··· Records shown ···

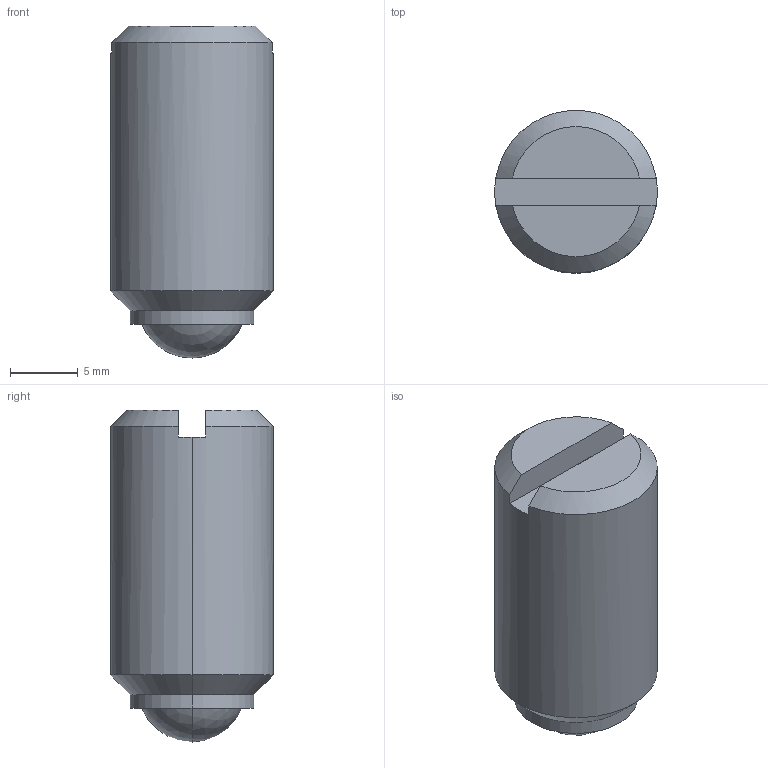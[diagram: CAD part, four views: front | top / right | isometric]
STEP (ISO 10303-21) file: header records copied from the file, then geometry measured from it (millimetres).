
FILE_DESCRIPTION (( 'STEP AP203' ), '1' );
FILE_NAME ('bsuh12.STEP', '2021-10-25T00:55:32', ( '' ), ( '' ), 'SwSTEP 2.0', 'SolidWorks 2020', '' );
FILE_SCHEMA (( 'CONFIG_CONTROL_DESIGN' ));
Length unit declared in the file: millimetre
Products named in the file (1): bsuh12
Bounding box: 12 x 12 x 24.5 mm (x, y, z)
Volume: 2395.6 mm3; surface area: 1042.2 mm2
Topology: 1 solids, 1 shells, 16 faces, 35 edges, 22 vertices
Faces by surface type: plane 6, cone 4, cylinder 4, sphere 2
Entity records: 525 total; most frequent: CARTESIAN_POINT 86, DIRECTION 82, ORIENTED_EDGE 70, EDGE_CURVE 35, AXIS2_PLACEMENT_3D 34, VERTEX_POINT 22, EDGE_LOOP 17, CIRCLE 17
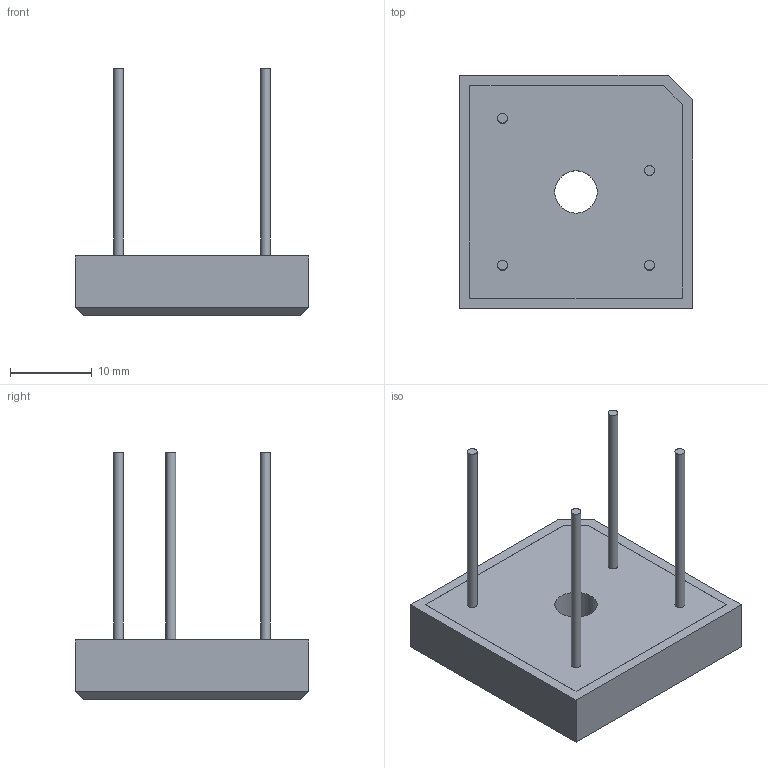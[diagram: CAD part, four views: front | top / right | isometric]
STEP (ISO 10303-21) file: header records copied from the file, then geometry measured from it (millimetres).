
FILE_DESCRIPTION(/* description */ (''),/* implementation_level */ '2;1');
FILE_NAME(/* name */ 'p12WP.stp',/* time_stamp */ '2018-04-19T17:00:35+02:00',/* author */ (''),/* organization */ (''),/* preprocessor_version */ 'ST-DEVELOPER v14',/* originating_system */ 'SIEMENS PLM Software NX 8.0',/* authorisation */ '');
FILE_SCHEMA (('CONFIG_CONTROL_DESIGN'));
Length unit declared in the file: millimetre
Products named in the file (1): 012001-05643test
Bounding box: 28.6 x 28.6 x 30.3 mm (x, y, z)
Volume: 5833.6 mm3; surface area: 2807.4 mm2
Topology: 1 solids, 1 shells, 27 faces, 55 edges, 35 vertices
Faces by surface type: plane 22, cylinder 5
Full cylindrical faces by diameter (mm): 1.2 x4, 5.2 x1
Entity records: 762 total; most frequent: DIRECTION 116, CARTESIAN_POINT 113, ORIENTED_EDGE 100, EDGE_CURVE 50, LINE 40, VECTOR 40, EDGE_LOOP 39, AXIS2_PLACEMENT_3D 38

···

**Try it**:
Nothing but the records themselves, exact and complete, should be returned; leave the pictures out.

**Solution to this task**:
[diagram: CAD part, four views: front | top / right | isometric]
STEP (ISO 10303-21) file: header records copied from the file, then geometry measured from it (millimetres).
FILE_DESCRIPTION (( 'STEP AP203' ), '1' );
FILE_NAME ('bsuh12.STEP', '2021-10-25T00:55:32', ( '' ), ( '' ), 'SwSTEP 2.0', 'SolidWorks 2020', '' );
FILE_SCHEMA (( 'CONFIG_CONTROL_DESIGN' ));
Length unit declared in the file: millimetre
Products named in the file (1): bsuh12
Bounding box: 12 x 12 x 24.5 mm (x, y, z)
Volume: 2395.6 mm3; surface area: 1042.2 mm2
Topology: 1 solids, 1 shells, 16 faces, 35 edges, 22 vertices
Faces by surface type: plane 6, cone 4, cylinder 4, sphere 2
Entity records: 525 total; most frequent: CARTESIAN_POINT 86, DIRECTION 82, ORIENTED_EDGE 70, EDGE_CURVE 35, AXIS2_PLACEMENT_3D 34, VERTEX_POINT 22, EDGE_LOOP 17, CIRCLE 17
[diagram: CAD part, four views: front | top / right | isometric]
STEP (ISO 10303-21) file: header records copied from the file, then geometry measured from it (millimetres).
FILE_DESCRIPTION(/* description */ (''),/* implementation_level */ '2;1');
FILE_NAME(/* name */ 'p12WP.stp',/* time_stamp */ '2018-04-19T17:00:35+02:00',/* author */ (''),/* organization */ (''),/* preprocessor_version */ 'ST-DEVELOPER v14',/* originating_system */ 'SIEMENS PLM Software NX 8.0',/* authorisation */ '');
FILE_SCHEMA (('CONFIG_CONTROL_DESIGN'));
Length unit declared in the file: millimetre
Products named in the file (1): 012001-05643test
Bounding box: 28.6 x 28.6 x 30.3 mm (x, y, z)
Volume: 5833.6 mm3; surface area: 2807.4 mm2
Topology: 1 solids, 1 shells, 27 faces, 55 edges, 35 vertices
Faces by surface type: plane 22, cylinder 5
Full cylindrical faces by diameter (mm): 1.2 x4, 5.2 x1
Entity records: 762 total; most frequent: DIRECTION 116, CARTESIAN_POINT 113, ORIENTED_EDGE 100, EDGE_CURVE 50, LINE 40, VECTOR 40, EDGE_LOOP 39, AXIS2_PLACEMENT_3D 38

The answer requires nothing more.